:: WHAT TO PRODUCE ::
Copy the records below line by line and word for word, from the very first line through the line with "model = None", omitting each picture.

:: LISTED ENTRIES ::
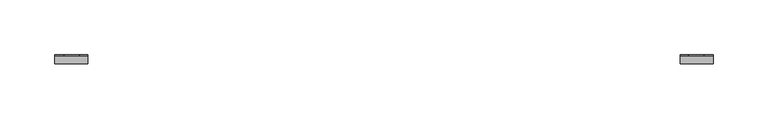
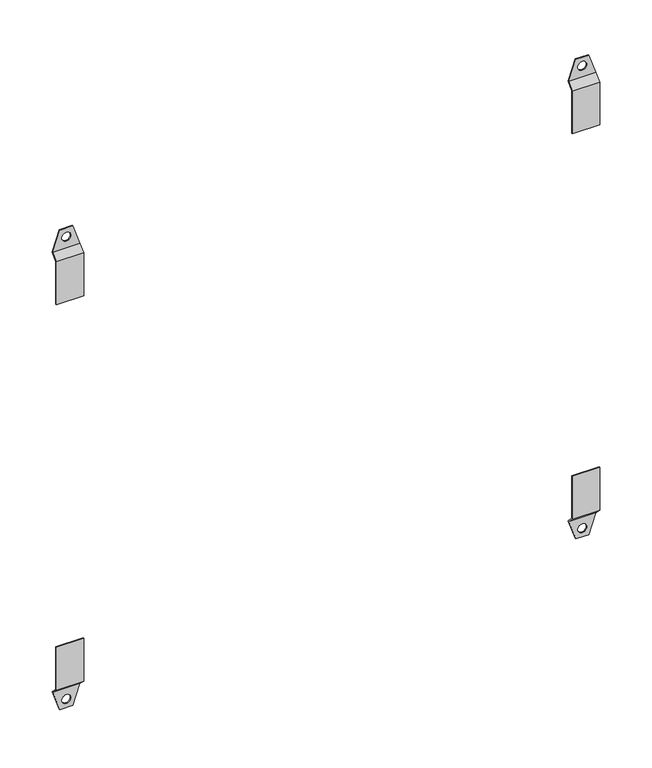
"""IFC4 building model written with IfcOpenShell, lengths in millimetres: electric distribution board geometry, DKC_Комплект кронштейнов для настенного крепления : DKC_Комплект кронштейнов для настенного крепления."""

import ifcopenshell
import ifcopenshell.guid

model = None  # the IFC model being written
_history = None  # IfcOwnerHistory: only IFC2X3 demands one
_inside = {}  # id of a spatial element -> (the spatial element, [elements in it])
_under = {}  # id of a project, library or spatial element -> (it, [spatial elements below it])
_declared = {}  # id of a project -> (the project, [libraries it declares])
_typed = {}  # id of a type object -> (the type object, [elements of that type])
_made_of = {}  # id of a material, layer set ... -> (it, [elements and type objects made of it])


def new_model(schema):
    """Start an empty IFC model of exactly this schema.

    Asked for "IFC4X3", IfcOpenShell would pick the latest addendum, in which some entities
    have other attributes; the version numbers below select the first issue.
    IFC2X3 requires an IfcOwnerHistory on every rooted entity: one is made here for all.
    """
    global model, _history
    if schema == "IFC4X3":
        model = ifcopenshell.file(schema_version=(4, 3, 0, 0))
    else:
        model = ifcopenshell.file(schema=schema)
    _inside.clear()
    _under.clear()
    _declared.clear()
    _typed.clear()
    _made_of.clear()
    _history = None
    if model.schema == "IFC2X3":
        org = make("IfcOrganization", Name="unknown")
        user = make(
            "IfcPersonAndOrganization",
            ThePerson=make("IfcPerson", FamilyName="unknown"),
            TheOrganization=org,
        )
        app = make(
            "IfcApplication",
            ApplicationDeveloper=org,
            Version="unknown",
            ApplicationFullName="unknown",
            ApplicationIdentifier="unknown",
        )
        _history = make(
            "IfcOwnerHistory",
            OwningUser=user,
            OwningApplication=app,
            ChangeAction="ADDED",
            CreationDate=0,
        )
    return model


def make(cls, **values):
    """One entity of the class cls with the attributes given. An attribute that is None is left unset."""
    return model.create_entity(
        cls, **{name: value for name, value in values.items() if value is not None}
    )


def rooted(cls, **values):
    """An entity with a GlobalId (a new one), such as an element, a storey or a relation."""
    return make(cls, GlobalId=ifcopenshell.guid.new(), OwnerHistory=_history, **values)


def si_unit(unit_type, name, prefix=None):
    """IfcSIUnit, for example si_unit("LENGTHUNIT", "METRE", prefix="MILLI")."""
    return make("IfcSIUnit", UnitType=unit_type, Prefix=prefix, Name=name)


def assignment(units):
    """IfcUnitAssignment: the units of a project."""
    return None if units is None else make("IfcUnitAssignment", Units=units)


def point(xyz):
    """IfcCartesianPoint."""
    return None if xyz is None else make("IfcCartesianPoint", Coordinates=xyz)


def direction(xyz):
    """IfcDirection."""
    return None if xyz is None else make("IfcDirection", DirectionRatios=xyz)


def frame(location, z_axis=None, x_axis=None):
    """IfcAxis2Placement3D, a coordinate frame: its origin and axes. An axis left out is left unset."""
    return make(
        "IfcAxis2Placement3D",
        Location=point(location),
        Axis=direction(z_axis),
        RefDirection=direction(x_axis),
    )


def origin():
    """The frame at (0, 0, 0) with its axes left unset."""
    return frame((0.0, 0.0, 0.0))


def place(relative_to, where):
    """IfcLocalPlacement: puts the frame where relative to a parent placement (None: the world)."""
    return make(
        "IfcLocalPlacement", PlacementRelTo=relative_to, RelativePlacement=where
    )


def context(
    kind, dimensions, precision=None, world=None, true_north=None, identifier=None
):
    """IfcGeometricRepresentationContext, for example the 3D "Model" context."""
    return make(
        "IfcGeometricRepresentationContext",
        ContextIdentifier=identifier,
        ContextType=kind,
        CoordinateSpaceDimension=dimensions,
        Precision=precision,
        WorldCoordinateSystem=world,
        TrueNorth=true_north,
    )


def project(units=None, contexts=None):
    """IfcProject with its units and contexts."""
    return rooted(
        "IfcProject",
        Name="project",
        RepresentationContexts=contexts,
        UnitsInContext=assignment(units),
    )


def spatial(cls, under=None, at=None, **own):
    """A site, building, storey or space (cls), placed at a placement, below another one or the project."""
    s = rooted(cls, ObjectPlacement=at, **own)
    if under is not None:
        _under.setdefault(under.id(), (under, []))[1].append(s)
    return s


def polyline(points):
    """IfcPolyline through the points."""
    return make("IfcPolyline", Points=[point(p) for p in points])


def circle_curve(where, radius):
    """IfcCircle in the frame where."""
    return make("IfcCircle", Position=where, Radius=radius)


def shape(context_of_items, identifier, shape_type, items):
    """IfcShapeRepresentation: the items that make up one representation, for example the "Body"."""
    return make(
        "IfcShapeRepresentation",
        ContextOfItems=context_of_items,
        RepresentationIdentifier=identifier,
        RepresentationType=shape_type,
        Items=items,
    )


def source(mapping_origin, context_of_items, identifier, shape_type, items):
    """IfcRepresentationMap: a shape defined once, which mapped items show again and again."""
    return make(
        "IfcRepresentationMap",
        MappingOrigin=mapping_origin,
        MappedRepresentation=shape(context_of_items, identifier, shape_type, items),
    )


def transform(
    local_origin,
    x_axis=None,
    y_axis=None,
    z_axis=None,
    scale=None,
    scale2=None,
    scale3=None,
    uniform=True,
):
    """IfcCartesianTransformationOperator3D, or its non-uniform kind. x_axis, y_axis, z_axis: its Axis1, 2, 3."""
    if uniform:
        return make(
            "IfcCartesianTransformationOperator3D",
            Axis1=direction(x_axis),
            Axis2=direction(y_axis),
            LocalOrigin=point(local_origin),
            Scale=scale,
            Axis3=direction(z_axis),
        )
    return make(
        "IfcCartesianTransformationOperator3DnonUniform",
        Axis1=direction(x_axis),
        Axis2=direction(y_axis),
        LocalOrigin=point(local_origin),
        Scale=scale,
        Axis3=direction(z_axis),
        Scale2=scale2,
        Scale3=scale3,
    )


def mapped(mapping_source, mapping_target):
    """IfcMappedItem: shows the shape of a source again, moved by a transform."""
    return make(
        "IfcMappedItem", MappingSource=mapping_source, MappingTarget=mapping_target
    )


def made_of(thing, what):
    """Note that an element or type object is made of a material, layer set ...; save() writes the relation."""
    if what is not None:
        _made_of.setdefault(what.id(), (what, []))[1].append(thing)
    return thing


def element(
    cls,
    number,
    at=None,
    inside=None,
    cuts=None,
    type_object=None,
    material=None,
    context=None,
    identifier="Body",
    shape_type=None,
    held_by="IfcProductDefinitionShape",
    body=None,
    shapes=None,
    **own,
):
    """One element of the class cls, such as IfcWall. Its Tag is "e" and its number.

    at: its placement. inside: the storey or other place that contains it. cuts: it is an
    opening in that element (IfcRelVoidsElement). A single representation is given by context,
    identifier, shape_type and body (its items); several are given by shapes. held_by: the class
    of the entity that holds the representations. save() writes the other relations.
    """
    e = rooted(cls, Tag="e%d" % number, ObjectPlacement=at, **own)
    if body is not None:
        shapes = [shape(context, identifier, shape_type, body)]
    if shapes is not None:
        e.Representation = make(held_by, Representations=shapes)
    if inside is not None:
        _inside.setdefault(inside.id(), (inside, []))[1].append(e)
    if cuts is not None:
        rooted(
            "IfcRelVoidsElement", RelatingBuildingElement=cuts, RelatedOpeningElement=e
        )
    if type_object is not None:
        _typed.setdefault(type_object.id(), (type_object, []))[1].append(e)
    return made_of(e, material)


def aggregate(whole, parts):
    """IfcRelAggregates: a whole, such as a stair, and the parts it consists of."""
    return rooted("IfcRelAggregates", RelatingObject=whole, RelatedObjects=parts)


def save(model, path):
    """Write the relations noted so far, then the file.

    IfcRelAggregates (storeys below a building ...), IfcRelContainedInSpatialStructure (elements
    in a storey), IfcRelDefinesByType, IfcRelAssociatesMaterial and IfcRelDeclares: one each for
    every whole, place, type object, material and project.
    """
    for whole, parts in _under.values():
        aggregate(whole, parts)
    for where, things in _inside.values():
        rooted(
            "IfcRelContainedInSpatialStructure",
            RelatedElements=things,
            RelatingStructure=where,
        )
    for kind, things in _typed.values():
        rooted("IfcRelDefinesByType", RelatedObjects=things, RelatingType=kind)
    for what, things in _made_of.values():
        rooted("IfcRelAssociatesMaterial", RelatedObjects=things, RelatingMaterial=what)
    for by, libraries in _declared.values():
        rooted("IfcRelDeclares", RelatingContext=by, RelatedDefinitions=libraries)
    model.write(path)


def plane_surface(at):
    """IfcPlane: the flat surface through the origin of the frame at, square to its z axis."""
    return make("IfcPlane", Position=at)


def revolved_surface(curve, axis_point, axis_direction):
    """IfcSurfaceOfRevolution: the curve turned about the line through axis_point along axis_direction."""
    return make(
        "IfcSurfaceOfRevolution",
        SweptCurve=make("IfcArbitraryOpenProfileDef", ProfileType="CURVE", Curve=curve),
        AxisPosition=make("IfcAxis1Placement", Location=point(axis_point), Axis=direction(axis_direction)),
    )


def advanced_brep(points, edges, surfaces, faces):
    """IfcAdvancedBrep: a solid bounded by faces that lie on surfaces and meet in shared edges.

    An edge is (start, end): straight between two places in points (the first is 0);
    or (start, end, curve); or (start, end, curve, False) where it runs against its curve.
    A face is (place in surfaces, loops), or (place, loops, False) where it looks against
    its surface's normal. A loop lists edges by number (the first is 1), with a minus sign
    where the edge is run from its end to its start. The first loop is the outer one.
    """
    corners = [point(p) for p in points]
    vertices = [make("IfcVertexPoint", VertexGeometry=c) for c in corners]
    made = []
    for start, end, *more in edges:
        made.append(
            make(
                "IfcEdgeCurve",
                EdgeStart=vertices[start],
                EdgeEnd=vertices[end],
                EdgeGeometry=more[0] if more else make("IfcPolyline", Points=[corners[start], corners[end]]),
                SameSense=more[1] if len(more) > 1 else True,
            )
        )
    hull = []
    for where, loops, *sense in faces:
        bounds = []
        for j, loop in enumerate(loops):
            ring = [make("IfcOrientedEdge", EdgeElement=made[abs(k) - 1], Orientation=k > 0) for k in loop]
            bounds.append(
                make(
                    "IfcFaceOuterBound" if j == 0 else "IfcFaceBound",
                    Bound=make("IfcEdgeLoop", EdgeList=ring),
                    Orientation=True,
                )
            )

:: OUTPUT FOR THIS EXERCISE ::
"""IFC4 building model written with IfcOpenShell, lengths in millimetres: electric distribution board geometry, DKC_Комплект кронштейнов для настенного крепления : DKC_Комплект кронштейнов для настенного крепления."""

import ifcopenshell
import ifcopenshell.guid

model = None  # the IFC model being written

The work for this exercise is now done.